Packetizer Protocol Core
For packetizer v1 links, Rogue provides rogue.protocols.packetizer.Core.
This class owns the packetizer v1 controller, exposes the lower transport edge
through transport(), and creates per-destination application endpoints with
application(dest).
Use Core when software must match an existing packetizer v1 firmware or
software peer. For new deployments where the protocol version is still open,
Packetizer Protocol CoreV2 is usually the better choice.
Protocol Behavior
Packetizer v1 breaks one incoming frame into one or more transport packets and reassembles those packets on the receive side. It carries the usual AXI-Stream sideband metadata in the wire format:
TDestTIDTUserFirstTUserLastEOF state
Each v1 packet contains:
An 8-byte header with version, frame number, packet number,
TDest,TID, andTUserFirst.A 1-byte tail with
TUserLastand EOF.
The design tradeoff is that EOF and TUserLast live in a tail rather than in
the header. That allows streaming behavior without buffering an entire packet
payload before forwarding.
Operational Notes
TUserLastis only valid when EOF is asserted.TDest,TID, andTUserFirstare repeated in each packet header even though they are frame-level attributes.Destination endpoints are allocated lazily when
application(dest)is called.
Key Constructor Arguments
Core(enSsi)
enSsienables SSI framing behavior.
Common Controls
transport()returns the lower-layer stream edge.application(dest)returns the destination endpoint for values0..255.getDropCount()reports the controller drop count.setTimeout(timeout)forwards timeout tuning into the controller, in microseconds.
Python Example
import rogue.protocols.packetizer
import rogue.protocols.rssi
# Packetizer v1 core with SSI framing enabled.
pkt = rogue.protocols.packetizer.Core(True)
# Lower protocol layer.
rssi = rogue.protocols.rssi.Client(1472 - 8)
rssi.application() == pkt.transport()
# Outbound traffic enters destination channel 1.
data_source >> pkt.application(1)
# Inbound traffic from destination channel 0 is delivered to a sink.
pkt.application(0) >> reg_sink
C++ Example
#include <rogue/protocols/packetizer/Core.h>
namespace rpp = rogue::protocols::packetizer;
int main() {
// Packetizer v1 core with SSI framing enabled.
auto pkt = rpp::Core::create(true);
// Access one application destination endpoint.

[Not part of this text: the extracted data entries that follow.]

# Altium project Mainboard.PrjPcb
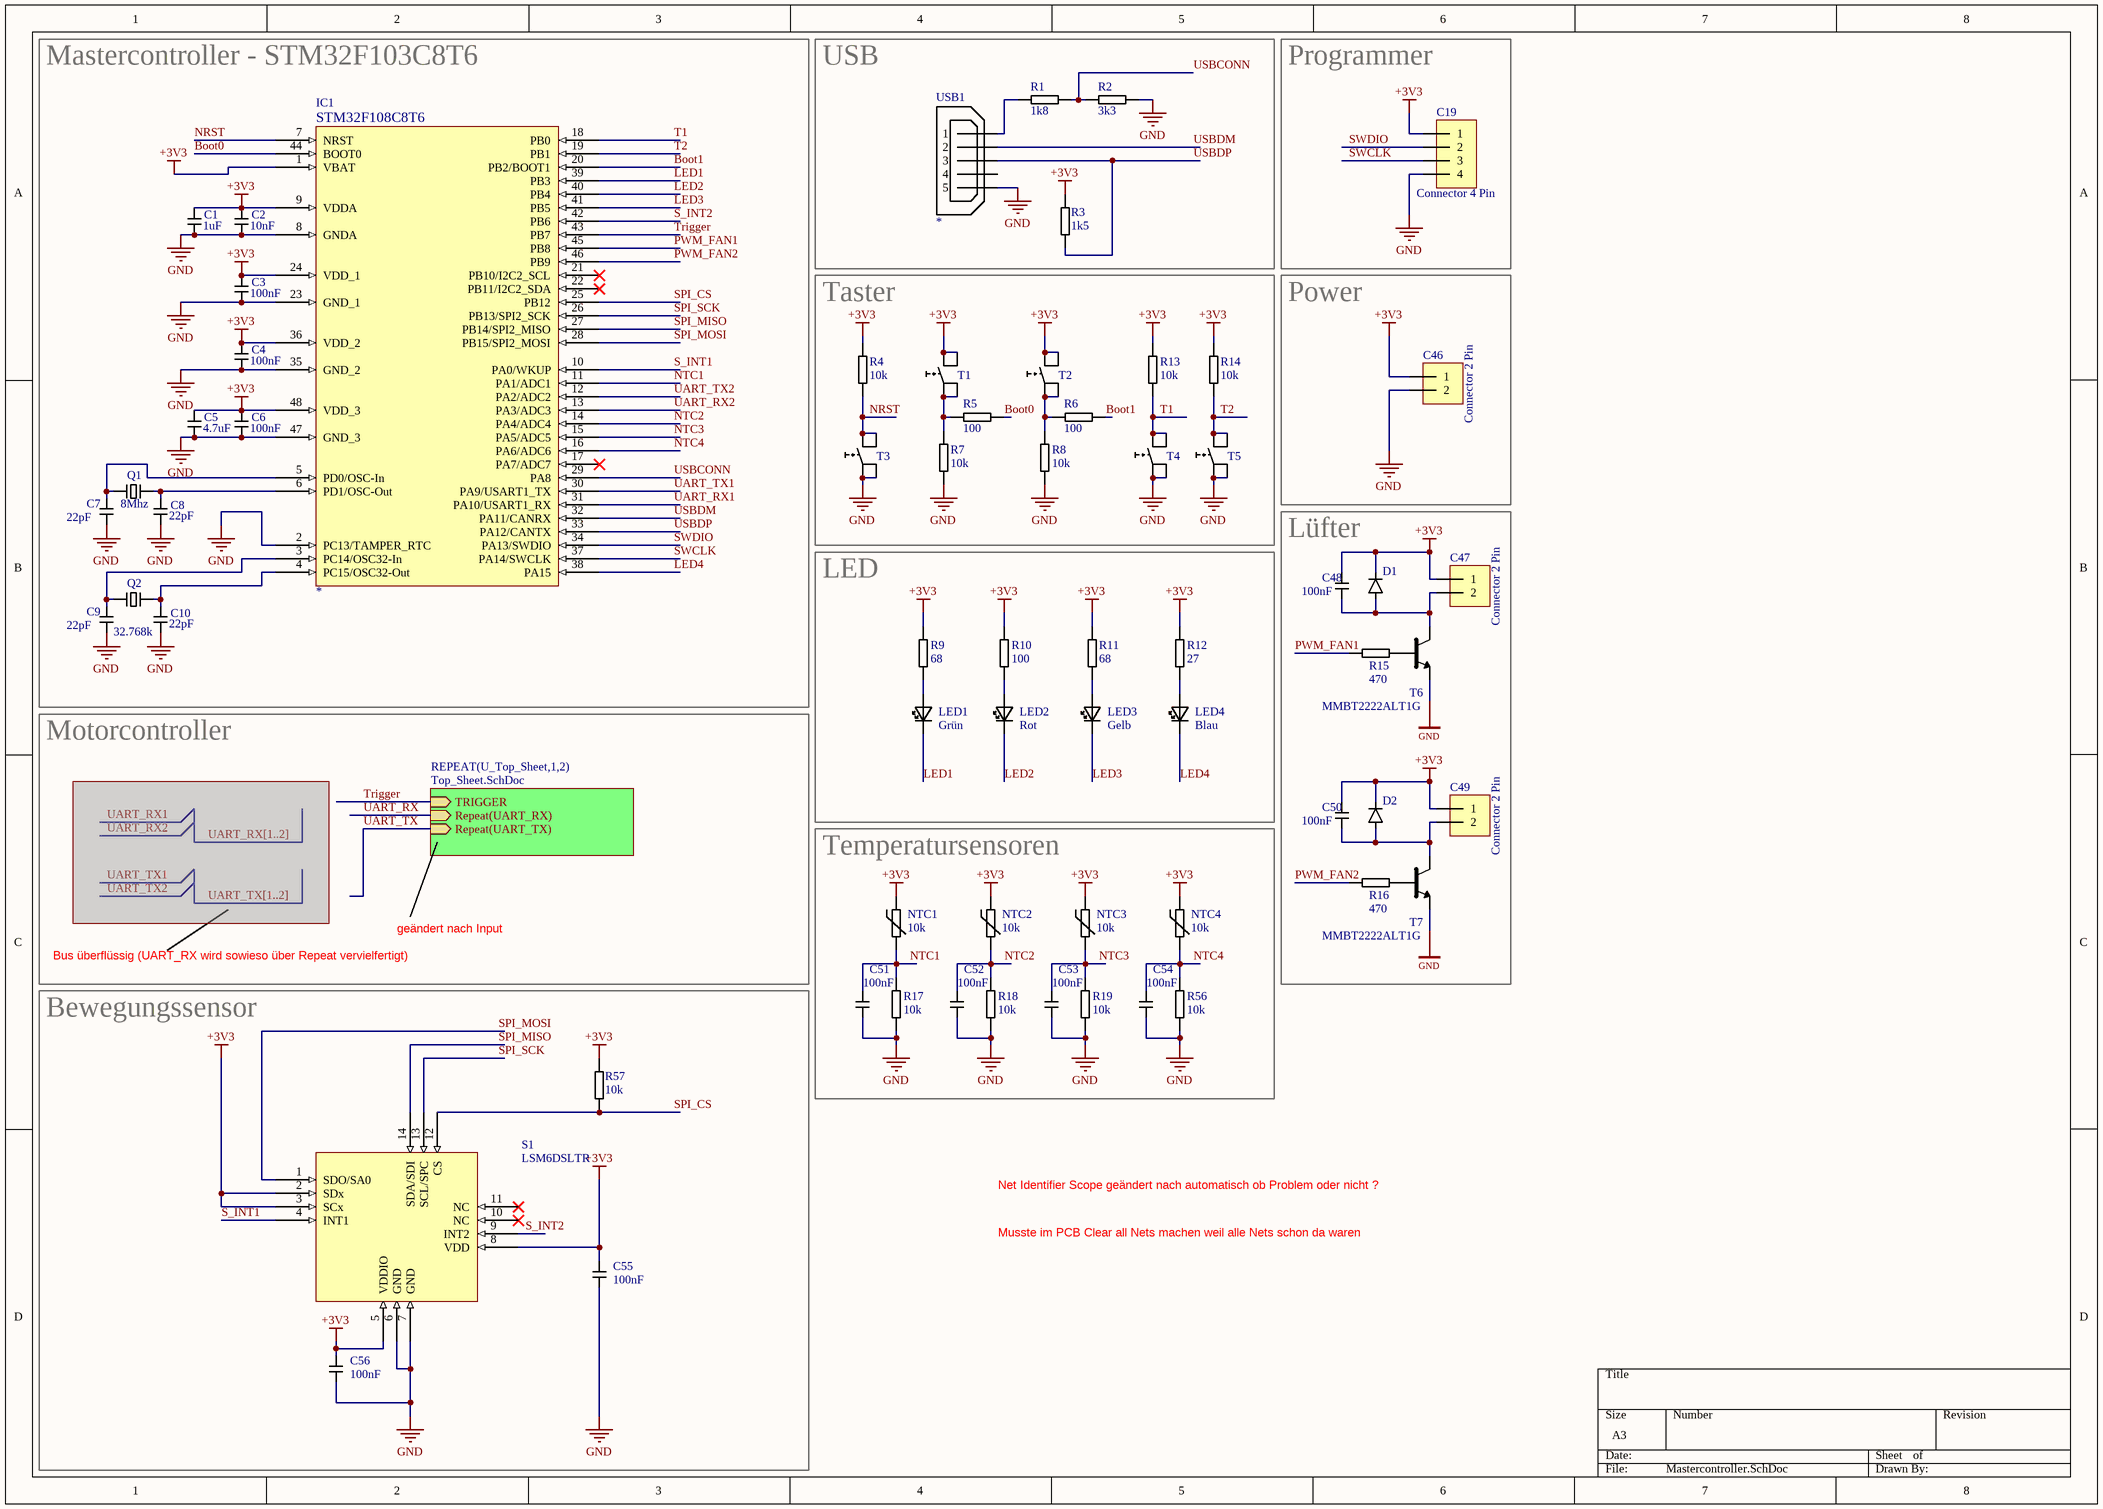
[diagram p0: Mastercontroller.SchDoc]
6 sheets, 311 parts. Net scope: hierarchical (ports join the sheet entries above them; power ports are global).
Board file: Mainboard.PcbDoc
Sheets:
  Mastercontroller.SchDoc
    U_Top_Sheet1 = Top_Sheet.SchDoc
      U_MOTOR = MOTOR.SchDoc
      U_SENSE = SENSE.SchDoc
      U_DRV8301 = DRV8301.SchDoc
      U_Motorcontroller = Motorcontroller.SchDoc
    U_Top_Sheet2 = Top_Sheet.SchDoc
      U_MOTOR = MOTOR.SchDoc
      U_SENSE = SENSE.SchDoc
      U_DRV8301 = DRV8301.SchDoc
      U_Motorcontroller = Motorcontroller.SchDoc

## Sheet Mastercontroller.SchDoc
size A3

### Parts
C1  value 1uF  [0603]  (hidden comment: *)
C2  value 10nF  [0603]  (hidden comment: *)
C3  value 100nF  [0603]  (hidden comment: *)
C4  value 100nF  [0603]  (hidden comment: *)
C5  value 4.7uF  [0603]  (hidden comment: *)
C6  value 100nF  [0603]  (hidden comment: *)
C7  value 22pF  [0603]  (hidden comment: *)
C8  value 22pF  [0603]  (hidden comment: *)
C9  value 22pF  [0603]  (hidden comment: *)
C10  value 22pF  [0603]  (hidden comment: *)
C19  Connector 4 Pin  [JST-XH 4 Pin]
C46  Connector 2 Pin  [JST-XH 2 Pin]
C47  Connector 2 Pin  [JST-XH 2 Pin]
C48  value 100nF  [0603]  (hidden comment: *)
C49  Connector 2 Pin  [JST-XH 2 Pin]
C50  value 100nF  [0603]  (hidden comment: *)
C51  value 100nF  [0603]  (hidden comment: *)
C52  value 100nF  [0603]  (hidden comment: *)
C53  value 100nF  [0603]  (hidden comment: *)
C54  value 100nF  [0603]  (hidden comment: *)
C55  value 100nF  [0603]  (hidden comment: *)
C56  value 100nF  [0603]  (hidden comment: *)
D1  Diode  [SMA]  (value not drawn)
D2  Diode  [SMA]  (value not drawn)
IC1  *  [LQFP48]
LED1  value Grün  [1206_Green]  (hidden comment: *)
LED2  value Rot  [1206_Green]  (hidden comment: *)
LED3  value Gelb  [1206_Green]  (hidden comment: *)
LED4  value Blau  [1206_Green]  (hidden comment: *)
NTC1  value 10k  [0603]  (hidden comment: NTC)
NTC2  value 10k  [0603]  (hidden comment: NTC)
NTC3  value 10k  [0603]  (hidden comment: NTC)
NTC4  value 10k  [0603]  (hidden comment: NTC)
Q1  value 8Mhz  [3225]  (hidden comment: *)
Q2  value 32.768k  [Cylinder]  (hidden comment: *)
R1  value 1k8  [0603]  (hidden comment: *)
R2  value 3k3  [0603]  (hidden comment: *)
R3  value 1k5  [0603]  (hidden comment: *)
R4  value 10k  [0603]  (hidden comment: *)
R5  value 100  [0603]  (hidden comment: *)
R6  value 100  [0603]  (hidden comment: *)
R7  value 10k  [0603]  (hidden comment: *)
R8  value 10k  [0603]  (hidden comment: *)
R9  value 68  [0603]  (hidden comment: *)
R10  value 100  [0603]  (hidden comment: *)
R11  value 68  [0603]  (hidden comment: *)
R12  value 27  [0603]  (hidden comment: *)
R13  value 10k  [0603]  (hidden comment: *)
R14  value 10k  [0603]  (hidden comment: *)
R15  value 470  [0603]  (hidden comment: *)
R16  value 470  [0603]  (hidden comment: *)
R17  value 10k  [0603]  (hidden comment: *)
R18  value 10k  [0603]  (hidden comment: *)
R19  value 10k  [0603]  (hidden comment: *)
R56  value 10k  [0603]  (hidden comment: *)
R57  value 10k  [0603]  (hidden comment: *)
S1  LSM6DSLTR  [LGA-14]
T1  Switch  [SMD_4x4]  (value not drawn)
T2  Switch  [SMD_4x4]  (value not drawn)
T3  Switch  [SMD_4x4]  (value not drawn)
T4  Switch  [SMD_4x4]  (value not drawn)
T5  Switch  [SMD_4x4]  (value not drawn)
T6  value MMBT2222ALT1G  [SOT23-BEC]  (hidden comment: *)
T7  value MMBT2222ALT1G  [SOT23-BEC]  (hidden comment: *)
USB1  *  [Micro USB]

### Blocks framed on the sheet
Mastercontroller - STM32F103C8T6: C1-C10 IC1 Q1 Q2
USB: R1-R3 USB1
Programmer: C19
Taster: R4-R8 R13 R14 T1-T5
Power: C46
LED: LED1-LED4 R9-R12
Lüfter: C47-C50 D1 D2 R15 R16 T6 T7
Temperatursensoren: C51-C54 NTC1-NTC4 R17-R19 R56
Bewegungssensor: C55 C56 R57 S1

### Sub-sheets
REPEAT(U_Top_Sheet,1,2) = Top_Sheet.SchDoc: TRIGGER (in), Repeat(UART_RX) (in), Repeat(UART_TX) (in)

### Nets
+3V3: C1.2 C2.2 C3.2 C4.2 C5.2 C6.2 C19.1 C46.1 C47.1 C48.2 C49.1 C50.2 C55.2 C56.2 D1.2 D2.2 IC1.1(VBAT) IC1.9(VDDA) IC1.24(VDD_1) IC1.36(VDD_2) IC1.48(VDD_3) NTC1.1 NTC2.1 NTC3.1 NTC4.1 R3.1 R4.2 R9.2 R10.2 R11.2 R12.2 R13.2 R14.2 R57.1 S1.2(SDx) S1.3(SCx) S1.5(VDDIO) S1.8(VDD) T1.3 T1.4 T2.3 T2.4
GND: C1.1 C2.1 C3.1 C4.1 C5.1 C6.1 C7.1 C8.1 C9.1 C10.1 C19.4 C46.2 C51.1 C52.1 C53.1 C54.1 C55.1 C56.1 IC1.2(PC13/TAMPER_RTC) IC1.8(GNDA) IC1.23(GND_1) IC1.35(GND_2) IC1.47(GND_3) R2.1 R7.1 R8.1 R17.1 R18.1 R19.1 R56.1 S1.6(GND) S1.7(GND) T3.1 T3.2 T4.1 T4.2 T5.1 T5.2 T6.E T7.E USB1.5
Boot0: IC1.44(BOOT0) R5.1
Boot1: IC1.20(PB2/BOOT1) R6.1
LED1: IC1.39(PB3) LED1.2
LED2: IC1.40(PB4) LED2.2
LED3: IC1.41(PB5) LED3.2
LED4: IC1.38(PA15) LED4.2
NRST: IC1.7(NRST) R4.1 T3.3 T3.4
NTC1: C51.2 IC1.11(PA1/ADC1) NTC1.2 R17.2
NTC2: C52.2 IC1.14(PA4/ADC4) NTC2.2 R18.2
NTC3: C53.2 IC1.15(PA5/ADC5) NTC3.2 R19.2
NTC4: C54.2 IC1.16(PA6/ADC6) NTC4.2 R56.2
PWM_FAN1: IC1.45(PB8) R15.2
PWM_FAN2: IC1.46(PB9) R16.2
S_INT1: IC1.10(PA0/WKUP) S1.4(INT1)
S_INT2: IC1.42(PB6) S1.9(INT2)
SPI_CS: IC1.25(PB12) R57.2 S1.12(CS)
SPI_MISO: IC1.27(PB14/SPI2_MISO) S1.14(SDA/SDI)
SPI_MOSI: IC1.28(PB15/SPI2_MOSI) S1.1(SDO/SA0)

auto app0 = pkt->application(0);
(void)app0;
// Query drop count for diagnostics.
auto dropCount = pkt->getDropCount();
(void)dropCount;
// Lower-layer connection would be made through pkt->transport().
return 0;
}
Threading And Lifecycle
Core does not start its own worker thread. Packetization and
depacketization run in the caller context of the surrounding stream graph,
while lifecycle management belongs to the lower transport layer attached to
transport().
Compatibility Notes
Coremust connect to a packetizer v1 peer.If the remote endpoint expects packetizer v2, use Packetizer Protocol CoreV2.
Logging
Packetizer logging is emitted by the shared controller logger:
pyrogue.packetizer.Controller
Enable it before constructing packetizer objects:
import rogue
rogue.Logging.setFilter('pyrogue.packetizer', rogue.Logging.Debug)
This logger is the main source for packet-drop, framing, and timeout messages.
There is no separate per-instance debug helper on Core.